By employing language akin to the covenants made with Abraham (Gen. 15:18) and Moses (Exod. 34:10; Deut. 5:2), Yahweh tethers his work of redemption to his overriding redemptive and restorative interest in creation itself (Gen. 3:15). The promises of nationhood and kingship, which so defined the covenants made with their ancestors, were now to be embodied and enfleshed. “The Servant of Yahweh, the embodiment of God’s covenant,” writes T. Rata, “is the agent through whom God’s covenant blessing will be extended to all people . . . [and who] will inaugurate a new covenant that has the Davidic covenant as its basis, thus one that is linked to messianic hopes” (103–4). Despite the failure of the Davidic monarchy, it is God’s prerogative that there would always be a Davidide “sitting on the throne of the house of Israel” (Jer. 33:17). And it is in this way, then, that the sweeping consolation and originality of Jeremiah’s crestfallen oracle is fully realized: through the corporeal initiative of God to redeem in the person and work of the Messiah (Jer. 31:31–34; cf. 1 Cor. 11:25; Heb. 8:8–13; 10:15–17). It is Christ himself, then, who is representative of the “new” and better covenant God makes with his people.
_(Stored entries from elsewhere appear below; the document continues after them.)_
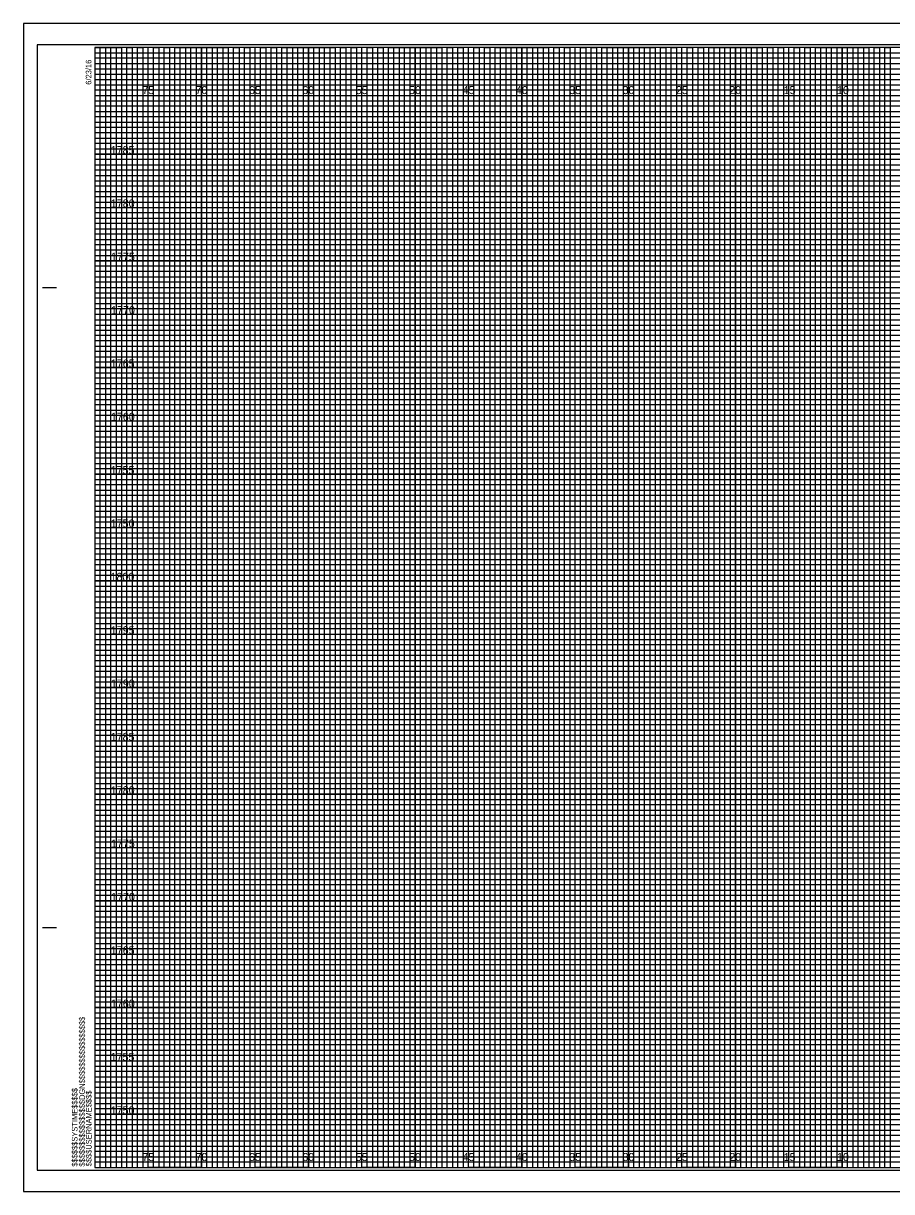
# Model space of a CAD drawing. Extents: x -7 to 162, y -2 to 767.
# Drawn here: x -6.7 to 74.6, y 657.8 to 767.2 of the extents above; entities that cross this region are included whole.
import ezdxf

# ---------------------------------------------------------------- set-up
doc = ezdxf.new("R2010")
doc.units = 0
for name, color, linetype in [('Prop Grid Mask', 7, 'Continuous'), ('Prop XS Elevation Labels', 7, 'Continuous'), ('Sheet Cross Section CELL', 7, 'Continuous'), ('Sheet Cross Section Grid Major CELL', 7, 'Continuous'), ('Sheet Cross Section Grid Middle CELL', 7, 'Continuous'), ('Sheet Cross Section Grid Minor 1 CELL', 7, 'Continuous'), ('Sheet Cross Section Grid Minor 2 CELL', 7, 'Continuous'), ('Sheet Cutting Line CELL', 7, 'Continuous'), ('Sheet DOT Grid CELL', 7, 'Continuous'), ('Sheet Plot Border Inside CELL', 7, 'Continuous'), ('Sheet Plot Border Outside CELL', 7, 'Continuous')]:
    doc.layers.add(name, color=color, linetype=linetype)

msp = doc.modelspace()

# ---------------------------------------------------------------- linework, layer by layer
at = {"layer": 'Sheet Cross Section CELL'}
for p, q in [((-4.9, 742.5), (-3.65, 742.5)), ((-4.85, 742.5), (-3.6, 742.5)), ((-4.9, 682.5), (-3.65, 682.5)), ((-4.85, 682.5), (-3.6, 682.5)), ((0, 660), (0, 660)), ((0, 660), (0, 660)), ((0, 660), (0, 660)), ((0, 660), (0, 660)), ((0, 660), (0, 660)), ((0, 660), (0, 660)), ((0, 660), (0, 660))]:
    msp.add_line(p, q, dxfattribs=at)
msp.add_lwpolyline([(160, 765), (0, 765), (0, 660), (160, 660)], close=True, dxfattribs=at)
at = {"layer": 'Sheet Cross Section Grid Major CELL'}
for p, q in [((5, 765), (0, 765)), ((5, 660), (5, 765)), ((15, 765), (10, 765)), ((10, 765), (10, 660)), ((15, 660), (15, 765)), ((25, 765), (20, 765)), ((20, 765), (20, 660)), ((25, 660), (25, 765)), ((35, 765), (30, 765)), ((30, 765), (30, 660)), ((35, 660), (35, 765)), ((45, 765), (40, 765)), ((40, 765), (40, 660)), ((45, 660), (45, 765)), ((55, 765), (50, 765)), ((50, 765), (50, 660)), ((55, 660), (55, 765)), ((65, 765), (60, 765)), ((60, 765), (60, 660)), ((65, 660), (65, 765)), ((75, 765), (70, 765)), ((70, 765), (70, 660)), ((10, 660), (5, 660)), ((20, 660), (15, 660)), ((30, 660), (25, 660)), ((40, 660), (35, 660)), ((50, 660), (45, 660)), ((60, 660), (55, 660)), ((70, 660), (65, 660))]:
    msp.add_line(p, q, dxfattribs=at)
for points in [[(0, 760), (160, 760), (160, 755), (0, 755)], [(0, 750), (160, 750), (160, 745), (0, 745)], [(0, 740), (160, 740), (160, 735), (0, 735)], [(0, 730), (160, 730), (160, 725), (0, 725)], [(0, 720), (160, 720), (160, 715), (0, 715)], [(0, 710), (160, 710), (160, 705), (0, 705)], [(0, 700), (160, 700), (160, 695), (0, 695)], [(0, 690), (160, 690), (160, 685), (0, 685)], [(0, 680), (160, 680), (160, 675), (0, 675)], [(0, 670), (160, 670), (160, 665), (0, 665)]]:
    msp.add_lwpolyline(points, dxfattribs=at)
at = {"layer": 'Sheet Cross Section Grid Middle CELL'}
for points in [[(0, 765), (2.5, 765), (2.5, 660), (7.5, 660), (7.5, 765), (12.5, 765), (12.5, 660), (17.5, 660), (17.5, 765), (22.5, 765), (22.5, 660), (27.5, 660), (27.5, 765), (32.5, 765), (32.5, 660), (37.5, 660), (37.5, 765), (42.5, 765), (42.5, 660), (47.5, 660), (47.5, 765), (52.5, 765), (52.5, 660), (57.5, 660), (57.5, 765), (62.5, 765), (62.5, 660), (67.5, 660), (67.5, 765), (72.5, 765), (72.5, 660), (77.5, 660)], [(0, 762.5), (137.5, 762.5)], [(0, 752.5), (160, 752.5), (160, 757.5), (0, 757.5)], [(0, 742.5), (160, 742.5), (160, 747.5), (0, 747.5)], [(0, 732.5), (160, 732.5), (160, 737.5), (0, 737.5)], [(0, 722.5), (160, 722.5), (160, 727.5), (0, 727.5)], [(0, 712.5), (160, 712.5), (160, 717.5), (0, 717.5)], [(0, 702.5), (160, 702.5), (160, 707.5), (0, 707.5)], [(0, 692.5), (160, 692.5), (160, 697.5), (0, 697.5)], [(0, 682.5), (160, 682.5), (160, 687.5), (0, 687.5)], [(0, 672.5), (160, 672.5), (160, 677.5), (0, 677.5)], [(0, 662.5), (160, 662.5), (160, 667.5), (0, 667.5)]]:
    msp.add_lwpolyline(points, dxfattribs=at)
at = {"layer": 'Sheet Cross Section Grid Minor 1 CELL'}
for p, q in [((0, 764.5), (130, 764.5)), ((130, 763.99), (0, 763.99)), ((0, 763.99), (0, 763.5)), ((0, 763.5), (130, 763.5)), ((130, 762.95), (0, 762.95)), ((0, 762.95), (0, 762)), ((0, 762), (160, 762))]:
    msp.add_line(p, q, dxfattribs=at)
for points in [[(0, 761.5), (135, 761.5), (160, 761.5), (160, 761), (0, 761)], [(0, 760.5), (160, 760.5), (160, 759.5), (0, 759.5)], [(0, 759), (160, 759), (160, 758.5), (0, 758.49)], [(0, 758), (160, 758), (160, 757), (0, 757)], [(0, 756.5), (160, 756.5), (160, 756), (0, 756)], [(0, 755.5), (160, 755.5), (160, 754.5), (0, 754.5)], [(0, 754), (160, 754), (160, 753.5), (0, 753.5)], [(0, 753), (160, 753), (160, 752), (0, 752)], [(0, 751.5), (160, 751.5), (160, 751), (0, 751)], [(0, 750.5), (160, 750.5), (160, 749.5), (0, 749.5)], [(0, 749), (160, 749), (160, 748.5), (0, 748.5)], [(0, 748), (160, 748), (160, 746.98), (160, 746.5), (160, 746), (0, 746)], [(0, 747), (160, 747), (160, 746.5), (0, 746.5)], [(0, 745.5), (160, 745.5), (160, 744.5), (0, 744.51)], [(0, 744.51), (160, 744.5), (160, 744), (0, 744)], [(0, 743.5), (160, 743.5), (160, 743), (0, 743)], [(0, 742), (160, 742), (160, 741.5), (0, 741.5)], [(0, 741), (160, 741), (160, 740.5), (0, 740.5)], [(-0.04, 739.45), (160, 739.45), (160, 738.94), (-0.04, 738.94)], [(0, 738.5), (160, 738.5), (160, 738), (0, 738)], [(0, 737), (160, 737), (160, 736.5), (0, 736.5)], [(0, 736), (160, 736), (160, 735.5), (0, 735.5)], [(0, 734.5), (160, 734.5), (160, 734), (0, 734)], [(0, 733.5), (160, 733.5), (160, 733), (0, 733)], [(0, 732), (160, 732), (160, 731.5), (0, 731.5)], [(0, 731), (160, 731), (160, 730.5), (0, 730.5)], [(0, 729.5), (160, 729.5), (160, 728.99), (0, 729)], [(0, 728.5), (160, 728.5), (160, 728), (0, 728)], [(0, 727), (160, 727), (160, 726.5), (0, 726.5)], [(0, 726), (160, 726), (160, 725.5), (0, 725.5)], [(0, 724.5), (160, 724.5), (160, 724), (0, 724)], [(0, 723.5), (160, 723.5), (160, 723), (0, 723)], [(0, 722), (160, 722), (160, 721.5), (0, 721.5)], [(0, 721), (160, 721), (160, 720.5), (0, 720.5)], [(0, 719.5), (160, 719.5), (160, 719), (0, 719)], [(0, 718.5), (160.03, 718.46), (160, 718), (0, 718)], [(0, 717), (160, 717), (160, 716.5), (0, 716.5)], [(0, 716), (160, 716), (160, 715.5), (0, 715.5)], [(0, 714.5), (160, 714.5), (160, 714), (0, 714)], [(0, 713.5), (160, 713.5), (160, 713), (0, 713)], [(0, 712), (160, 712), (160, 711.5), (0, 711.5)], [(0, 711), (160, 711), (160, 710.5), (0, 710.5)], [(0, 709.5), (160, 709.5), (160, 709), (0, 709)], [(0, 708.5), (160, 708.5), (160, 708), (0, 708)], [(0, 707), (160, 707), (160, 706.5), (0, 706.5)], [(0, 706), (160, 706), (160, 705.5), (0, 705.5)], [(0, 704.5), (160, 704.5), (160, 704), (0, 704)], [(0, 703.5), (160, 703.5), (160, 703), (0, 703)], [(0, 702), (160, 702), (160, 701.5), (0, 701.5)], [(0, 701), (160, 701), (160, 700.5), (0, 700.5)], [(0, 699.5), (160, 699.5), (160, 698.99), (0, 699)], [(0, 698.5), (160, 698.5), (160, 698), (0, 698)], [(0, 697), (160, 697), (160, 696.5), (0, 696.5)], [(0, 696), (160, 696), (160, 695.5), (0, 695.5)], [(0, 694.5), (160, 694.5), (160, 694), (0, 694)], [(0, 693.5), (160, 693.5), (160, 693), (0, 693)], [(0, 692), (160, 692), (160, 691.5), (0, 691.5)], [(0, 691), (160, 691), (160, 690.5), (0, 690.5)], [(0, 689.5), (160, 689.5), (160, 689), (0, 689)], [(0, 688.5), (160.03, 688.46), (160, 688), (0, 688)], [(0, 687), (160, 687), (160, 686.5), (0, 686.5)], [(0, 686), (160, 686), (160, 685.5), (0, 685.5)], [(0, 684.5), (160, 684.5), (160, 684), (0, 684)], [(0, 683.5), (160, 683.5), (160, 683), (0, 683)], [(0, 682), (160, 682), (160, 681.5), (0, 681.5)], [(0, 681), (160, 681), (160, 680.5), (0, 680.5)], [(0, 679.5), (160, 679.5), (160, 679), (0, 679)], [(0, 678.5), (160, 678.5), (160, 678), (0, 678)], [(0, 677), (160, 677), (160, 676.5), (0, 676.5)], [(0, 676), (160, 676), (160, 675.5), (0, 675.5)], [(0, 674.5), (160, 674.5), (160, 674), (0, 674)], [(0, 673.5), (160, 673.5), (160, 673), (0, 673)], [(0, 672), (160, 672), (160, 671.5), (0, 671.5)], [(0, 671), (160, 671), (160, 670.5), (0, 670.5)], [(0, 669.5), (160, 669.5), (160, 669), (0, 669)], [(0, 668.5), (160, 668.5), (160, 668), (0, 668)], [(0, 667), (160, 667), (160, 666.5), (0, 666.5)], [(0, 666), (160, 666), (160, 665.5), (0, 665.5)], [(0, 664.5), (160, 664.5), (160, 664), (0, 664)], [(0, 663.5), (160, 663.5), (160, 663), (0, 663)], [(0, 662), (160, 662), (160, 661.5), (0, 661.5)], [(0, 661), (160, 661), (160, 660.5), (0, 660.5)]]:
    msp.add_lwpolyline(points, dxfattribs=at)
at = {"layer": 'Sheet Cross Section Grid Minor 2 CELL'}
for points in [[(0, 660), (0.5, 660), (0.5, 765), (1, 765), (1, 660)], [(1, 660), (1.5, 660), (1.5, 765), (2, 765), (2, 660)], [(2.5, 660), (3, 660), (3, 765), (3.5, 765), (3.5, 660)], [(3.5, 660), (4, 660), (4, 765), (4.5, 765), (4.5, 660)], [(5, 660), (5.5, 660), (5.5, 765), (6, 765), (6, 660)], [(6, 660), (6.5, 660), (6.5, 765), (7, 765), (7, 660)], [(7.5, 660), (8, 660), (8, 765), (8.5, 765), (8.5, 660)], [(8.5, 660), (9, 660), (9, 765), (9.5, 765), (9.5, 660)], [(10, 660), (10.5, 660), (10.5, 765), (11, 765), (11, 660)], [(11, 660), (11.5, 660), (11.5, 765), (12, 765), (12, 660)], [(12.5, 660), (13, 660), (13, 765), (13.5, 765), (13.5, 660)], [(13.5, 660), (14, 660), (14, 765), (14.5, 765), (14.5, 660)], [(15, 660), (15.5, 660), (15.5, 765), (16, 765), (16, 660)], [(16, 660), (16.5, 660), (16.5, 765), (17, 765), (17, 660)], [(17.5, 660), (18, 660), (18, 765), (18.5, 765), (18.5, 660)], [(18.5, 660), (19, 660), (19, 765), (19.5, 765), (19.5, 660)], [(20, 660), (20.5, 660), (20.5, 765), (21, 765), (21, 660)], [(21, 660), (21.5, 660), (21.5, 765), (22, 765), (22, 660)], [(22.5, 660), (23, 660), (23, 765), (23.5, 765), (23.5, 660)], [(23.5, 660), (24, 660), (24, 765), (24.5, 765), (24.5, 660)], [(25, 660), (25.5, 660), (25.5, 765), (26, 765), (26, 660)], [(26, 660), (26.5, 660), (26.5, 765), (27, 765), (27, 660)], [(27.5, 660), (28, 660), (28, 765), (28.5, 765), (28.5, 660)], [(28.5, 660), (29, 660), (29, 765), (29.5, 765), (29.5, 660)], [(30, 660), (30.5, 660), (30.5, 765), (31, 765), (31, 660)], [(31, 660), (31.5, 660), (31.5, 765), (32, 765), (32, 660)], [(32.5, 660), (33, 660), (33, 765), (33.5, 765), (33.5, 660)], [(33.5, 660), (34, 660), (34, 765), (34.5, 765), (34.5, 660)], [(35, 660), (35.5, 660), (35.5, 765), (36, 765), (36, 660)], [(36, 660), (36.5, 660), (36.5, 765), (37, 765), (37, 660)], [(37.5, 660), (38, 660), (38, 765), (38.5, 765), (38.5, 660)], [(38.5, 660), (39, 660), (39, 765), (39.5, 765), (39.5, 660)], [(40, 660), (40.5, 660), (40.5, 765), (41, 765), (41, 660)], [(41, 660), (41.5, 660), (41.5, 765), (42, 765), (42, 660)], [(42.5, 660), (43, 660), (43, 765), (43.5, 765), (43.5, 660)], [(43.5, 660), (44, 660), (44, 765), (44.5, 765), (44.5, 660)], [(45, 660), (45.5, 660), (45.5, 765), (46, 765), (46, 660)], [(46, 660), (46.5, 660), (46.5, 765), (47, 765), (47, 660)], [(47.5, 660), (48, 660), (48, 765), (48.5, 765), (48.5, 660)], [(48.5, 660), (49, 660), (49, 765), (49.5, 765), (49.5, 660)], [(50, 660), (50.5, 660), (50.5, 765), (51, 765), (51, 660)], [(51, 660), (51.5, 660), (51.5, 765), (52, 765), (52, 660)], [(52.5, 660), (53, 660), (53, 765), (53.5, 765), (53.5, 660)], [(53.5, 660), (54, 660), (54, 765), (54.5, 765), (54.5, 660)], [(55, 660), (55.5, 660), (55.5, 765), (56, 765), (56, 660)], [(56, 660), (56.5, 660), (56.5, 765), (57, 765), (57, 660)], [(57.5, 660), (58, 660), (58, 765), (58.5, 765), (58.5, 660)], [(58.5, 660), (59, 660), (59, 765), (59.5, 765), (59.5, 660)], [(60, 660), (60.5, 660), (60.5, 765), (61, 765), (61, 660)], [(61, 660), (61.5, 660), (61.5, 765), (62, 765), (62, 660)], [(62.5, 660), (63, 660), (63, 765), (63.5, 765), (63.5, 660)], [(63.5, 660), (64, 660), (64, 765), (64.5, 765), (64.5, 660)], [(65, 660), (65.5, 660), (65.5, 765), (66, 765), (66, 660)], [(66, 660), (66.5, 660), (66.5, 765), (67, 765), (67, 660)], [(67.5, 660), (68, 660), (68, 765), (68.5, 765), (68.5, 660)], [(68.5, 660), (69, 660), (69, 765), (69.5, 765), (69.5, 660)], [(70, 660), (70.5, 660), (70.5, 765), (71, 765), (71, 660)], [(71, 660), (71.5, 660), (71.5, 765), (72, 765), (72, 660)], [(72.5, 660), (73, 660), (73, 765), (73.5, 765), (73.5, 660)], [(73.5, 660), (74, 660), (74, 765), (74.5, 765), (74.5, 660)]]:
    msp.add_lwpolyline(points, dxfattribs=at)
at = {"layer": 'Sheet Cutting Line CELL'}
for p, q in [((161.65, 767.25), (-6.7, 767.25)), ((-6.7, 767.25), (-6.7, 657.75)), ((-6.7, 657.75), (161.65, 657.75))]:
    msp.add_line(p, q, dxfattribs=at)
at = {"layer": 'Sheet DOT Grid CELL'}
for p, q in [((5, 660), (5, 765)), ((10, 660), (10, 765)), ((15, 660), (15, 765)), ((20, 660), (20, 765)), ((25, 660), (25, 765)), ((30, 660), (30, 765)), ((35, 660), (35, 765)), ((40, 660), (40, 765)), ((45, 660), (45, 765)), ((50, 660), (50, 765)), ((55, 660), (55, 765)), ((60, 660), (60, 765)), ((65, 660), (65, 765)), ((70, 660), (70, 765)), ((0, 760), (160, 760)), ((0, 755), (160, 755)), ((0, 750), (160, 750)), ((0, 745), (160, 745)), ((0, 740), (160, 740)), ((0, 735), (160, 735)), ((0, 730), (160, 730)), ((0, 725), (160, 725)), ((0, 720), (160, 720)), ((0, 715), (160, 715)), ((0, 710), (160, 710)), ((0, 705), (160, 705)), ((0, 700), (160, 700)), ((0, 695), (160, 695)), ((0, 690), (160, 690)), ((0, 685), (160, 685)), ((0, 680), (160, 680)), ((0, 675), (160, 675)), ((0, 670), (160, 670)), ((0, 665), (160, 665))]:
    msp.add_line(p, q, dxfattribs=at)
at = {"layer": 'Sheet Plot Border Inside CELL'}
msp.add_lwpolyline([(-5.4, 659.75), (161.2, 659.75), (161.2, 765.25), (-5.4, 765.25)], close=True, dxfattribs=at)
at = {"layer": 'Sheet Plot Border Outside CELL'}
msp.add_lwpolyline([(-6.7, 657.75), (161.65, 657.75), (161.65, 767.25), (-6.7, 767.25)], close=True, dxfattribs=at)

# ---------------------------------------------------------------- texts
at = {"layer": 'Prop Grid Mask'}
for s, p in [('75', (4.44, 760.62)), ('70', (9.43, 760.62)), ('65', (14.44, 760.62)), ('60', (19.43, 760.62)), ('55', (24.44, 760.62)), ('50', (29.43, 760.62)), ('45', (34.44, 760.62)), ('40', (39.43, 760.62)), ('35', (44.44, 760.62)), ('30', (49.43, 760.62)), ('25', (54.44, 760.62)), ('20', (59.43, 760.62)), ('15', (64.53, 760.62)), ('10', (69.52, 760.62)), ('70', (9.43, 660.62)), ('65', (14.44, 660.62)), ('60', (19.43, 660.62)), ('50', (29.43, 660.62)), ('40', (39.43, 660.62)), ('35', (44.44, 660.62)), ('30', (49.43, 660.62)), ('25', (54.44, 660.62)), ('20', (59.43, 660.62)), ('10', (69.52, 660.62)), ('75', (4.44, 660.62)), ('55', (24.44, 660.62)), ('45', (34.44, 660.62)), ('15', (64.53, 660.62))]:
    msp.add_text(s, height=0.75, dxfattribs=at).set_placement(p)
at = {"layer": 'Prop XS Elevation Labels'}
for s, p in [('1785', (1.48, 755)), ('1780', (1.49, 750)), ('1775', (1.51, 745)), ('1770', (1.52, 740)), ('1765', (1.49, 735)), ('1760', (1.5, 730)), ('1755', (1.47, 725)), ('1750', (1.48, 720)), ('1800', (1.46, 715)), ('1795', (1.49, 710)), ('1790', (1.5, 705)), ('1785', (1.48, 700)), ('1780', (1.49, 695)), ('1775', (1.51, 690)), ('1770', (1.52, 685)), ('1765', (1.49, 680)), ('1760', (1.5, 675)), ('1755', (1.47, 670)), ('1750', (1.48, 665))]:
    msp.add_text(s, height=0.75, dxfattribs=at).set_placement(p)
at = {"layer": 'Sheet Cross Section CELL'}
for s, p in [('6/23/16', (-0.33, 761.5)), ('$$$$$$$$$$$$$$$$DGN$$$$$$$$$$$$$$$$', (-0.94, 660.09)), ('$$$$$$SYSTIME$$$$$', (-1.63, 660.09)), ('$$$$USERNAME$$$$', (-0.31, 660.12))]:
    msp.add_text(s, height=0.525, rotation=90, dxfattribs=at).set_placement(p)

doc.saveas('drawing.dxf')

Jesus is the embodiment of who God is. He is the tangible epitomization of God. Jesus Christ is the visible manifestation of the invisible God. In him we see heaven’s eternal heart walking around on two legs in time and space. When we see the heart of Christ, then, throughout the four Gospels, we are seeing the very compassion and tenderness of who God himself most deeply is. (Ortlund, 133)
Works cited:
L. C. Allen, “Book of Jeremiah,” Dictionary of the Old Testament: Prophets, edited by Mark J. Boda and J. Gordon McConville (Downers Grove, IL: InterVarsity Press, 2012).
Dane Ortlund, Gentle and Lowly: The Heart of Christ for Sinners and Sufferers (Wheaton, IL: Crossway, 2020).
T. Rata, “Covenant,” Dictionary of the Old Testament: Prophets, edited by Mark J. Boda and J. Gordon McConville (Downers Grove, IL: InterVarsity Press, 2012).